One Writer Reflects on Her Decision To Stop Wearing The Hijab

Fashion
Photography by Tory Rust/Gallery Stock

Urooba Jamal gave up the hijab, as well as her faith, and gained more than just the freedom to play with her hair.

The year I started wearing the hijab – the head scarf some Muslim women wear — was also the year I got braces and glasses. It was the mid-2000s, I was about to enter high school and it was the heyday of melodramatic teenage insecurities, fuelled by cinema classics such as Mean Girls and High School Musical. Unbeknownst to me at 13, I had teetered dramatically away from conventional beauty standards in a time when they were far more nar­rowly defined than they are today.

Soon, however, the hijab would seamlessly fit into my fashion and beauty regimen. In a quest to stand out in the suburbs of Western Canada, in a city where many people were South Asian like me, I found hijabs to match my clothes: in neon hues, bedazzled with sequins and in prints from cheetah to floral. My makeup matched these colours, and I swapped a hair routine for a hijab routine. (Yes, there were bad hijab days.)

About a decade later, at age 22 and in my last semester of university, I decided to stop wearing the physical marker of faith. As if I were a teenager again, I found myself learning things anew, from how to style my hair to how tied my perception of beauty was to the male gaze.

As a hijabi, I fantasized about all of the different hairstyles I wanted to try: wearing French braids, donning extensions and even dyeing my whole head purple. Ironically, the most avant-garde hair decision I’ve made to date is to let a friend bleach the ends of it in their bathtub one summer. Most days I simply wash my hair, haphazardly rub in some curl cream and hold out till I’m confronted with a frizzy pouf.

Despite these fantasies, I found it easy to embrace modest beauty and fashion trends, part of a growing but still novel industry in the mid- to late 2000s. I even started my own fashion blog in high school to document my outfits, which helped me connect with hijabi bloggers from Indonesia to Italy. One day while I was strolling the beach in Vancouver with some other friends who were also wearing hijabs, a woman came up to us. “You all look beautiful in that!” she exclaimed, pointing to our heads. “Just stunning!”

While I was basking in the glow of her compliment, one of my friends turned to our group and said worriedly: “See, this is why we shouldn’t even get our eyebrows done! The point of the hijab isn’t to attract attention to our beauty.” I nodded along with the others, confused. I knew that the hijab was worn as an expression of modesty, but what’s the harm in looking good? And what did plucking our eyebrows have to do with anything?

It was then that I began to understand why some people had left comments on my blog that were varia­tions of “Hijab is not a fashion statement!” These were among the first few questions I would have about the hijab and then later about women in Islam and eventually Islam itself – or at least the mainstream Sunni interpretation of it.
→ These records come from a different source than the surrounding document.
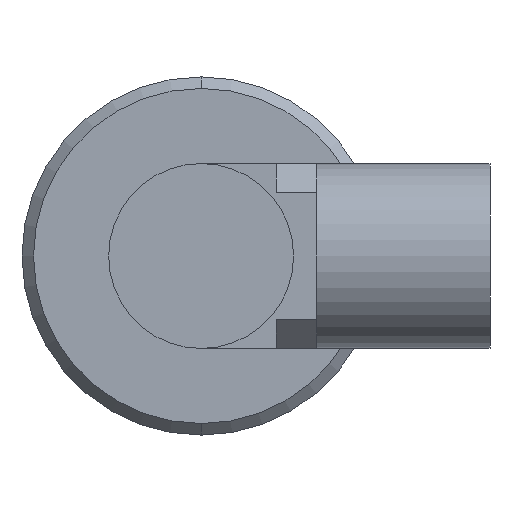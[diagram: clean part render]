
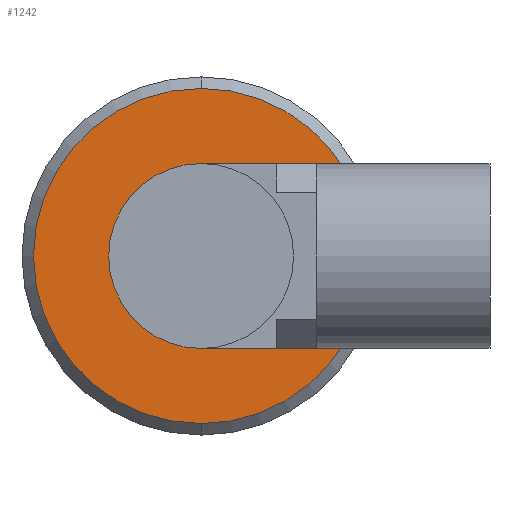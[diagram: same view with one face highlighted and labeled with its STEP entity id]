
A CAD part, left-side view. The second image highlights one B-rep face of the part: STEP entity #1242.
In plain terms, the highlighted planar face has unit normal (-1, 0, 0).
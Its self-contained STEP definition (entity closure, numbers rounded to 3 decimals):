
#84 = DIRECTION ( 'NONE',  ( 0., 0., 1. ) ) ;
#125 = EDGE_CURVE ( 'NONE', #539, #1093, #553, .T. ) ;
#146 = DIRECTION ( 'NONE',  ( -1., 0., 0. ) ) ;
#246 = CIRCLE ( 'NONE', #987, 8. ) ;
#268 = CARTESIAN_POINT ( 'NONE',  ( 66.8, 0., 0. ) ) ;
#270 = CARTESIAN_POINT ( 'NONE',  ( 66.8, 14.5, 0. ) ) ;
#413 = DIRECTION ( 'NONE',  ( 0., 0., 1. ) ) ;
#435 = EDGE_LOOP ( 'NONE', ( #633, #1417 ) ) ;
#454 = EDGE_LOOP ( 'NONE', ( #1038, #466 ) ) ;
#466 = ORIENTED_EDGE ( 'NONE', *, *, #125, .T. ) ;
#488 = AXIS2_PLACEMENT_3D ( 'NONE', #268, #1204, #413 ) ;
#524 = CARTESIAN_POINT ( 'NONE',  ( 66.8, 0., -8. ) ) ;
#525 = VERTEX_POINT ( 'NONE', #524 ) ;
#539 = VERTEX_POINT ( 'NONE', #913 ) ;
#553 = CIRCLE ( 'NONE', #785, 14.5 ) ;
#563 = FACE_OUTER_BOUND ( 'NONE', #454, .T. ) ;
#627 = CIRCLE ( 'NONE', #488, 14.5 ) ;
#633 = ORIENTED_EDGE ( 'NONE', *, *, #1751, .F. ) ;
#682 = VERTEX_POINT ( 'NONE', #1753 ) ;
#774 = PLANE ( 'NONE',  #1270 ) ;
#785 = AXIS2_PLACEMENT_3D ( 'NONE', #949, #146, #1081 ) ;
#805 = CARTESIAN_POINT ( 'NONE',  ( 66.8, 0., 0. ) ) ;
#894 = DIRECTION ( 'NONE',  ( -1., 0., 0. ) ) ;
#913 = CARTESIAN_POINT ( 'NONE',  ( 66.8, 0., 14.5 ) ) ;
#935 = DIRECTION ( 'NONE',  ( 0., 0., 1. ) ) ;
#949 = CARTESIAN_POINT ( 'NONE',  ( 66.8, 0., 0. ) ) ;
#987 = AXIS2_PLACEMENT_3D ( 'NONE', #1712, #894, #84 ) ;
#1038 = ORIENTED_EDGE ( 'NONE', *, *, #1756, .T. ) ;
#1081 = DIRECTION ( 'NONE',  ( 0., 0., 1. ) ) ;
#1093 = VERTEX_POINT ( 'NONE', #1239 ) ;
#1168 = EDGE_CURVE ( 'NONE', #525, #682, #246, .T. ) ;
#1204 = DIRECTION ( 'NONE',  ( -1., 0., 0. ) ) ;
#1207 = DIRECTION ( 'NONE',  ( 1., 0., 0. ) ) ;
#1239 = CARTESIAN_POINT ( 'NONE',  ( 66.8, 0., -14.5 ) ) ;
#1242 = ADVANCED_FACE ( 'NONE', ( #1560, #563 ), #774, .F. ) ;
#1270 = AXIS2_PLACEMENT_3D ( 'NONE', #270, #1207, #1480 ) ;
#1325 = CIRCLE ( 'NONE', #1497, 8. ) ;
#1417 = ORIENTED_EDGE ( 'NONE', *, *, #1168, .F. ) ;
#1480 = DIRECTION ( 'NONE',  ( 0., 0., -1. ) ) ;
#1497 = AXIS2_PLACEMENT_3D ( 'NONE', #805, #1754, #935 ) ;
#1560 = FACE_BOUND ( 'NONE', #435, .T. ) ;
#1712 = CARTESIAN_POINT ( 'NONE',  ( 66.8, 0., 0. ) ) ;
#1751 = EDGE_CURVE ( 'NONE', #682, #525, #1325, .T. ) ;
#1753 = CARTESIAN_POINT ( 'NONE',  ( 66.8, 0., 8. ) ) ;
#1754 = DIRECTION ( 'NONE',  ( -1., 0., 0. ) ) ;
#1756 = EDGE_CURVE ( 'NONE', #1093, #539, #627, .T. ) ;

As my belief in the religion waned, the hijab began to lose meaning for me. My daily ritual of wrapping fabric around my head began to feel cumbersome – even irritating. I knew I couldn’t continue wearing it. I also knew that there would be repercussions and that I’d never look back.

The first day I stepped out of the house without a hijab, almost six years ago, the winter wind nipped my ears and blew my bangs in my face. I felt like everyone was staring, but of course they weren’t. I had matched my eyeshadow to my blue dress and wore dangly ear­ rings that, for the first time, weren’t peeking out from behind a scarf.

“Unveiling” – from colonial Algeria to present-day Iran – has long been seen as a liberating act to many in the West. Now that I’ve stepped from one world to the next, I’ve taken on new burdens. Becoming agnostic opened up a new world of dating and sex, and I soon became fixated on presenting myself so men would find me attractive.

As I try now, in my late 20s, to feel beautiful without validation from men, while at the same time shedding binary ideas from my Muslim upbringing about modesty and hypersexualization, my style and beauty looks are a combination of my entire past. Sometimes I wear short dresses with plunging necklines; other times I opt for shirts with a looser fit. Sometimes I do a full face of makeup; other times I’ll go bare. One thing hasn’t changed, however: how many different colours you’ll see me sporting at once.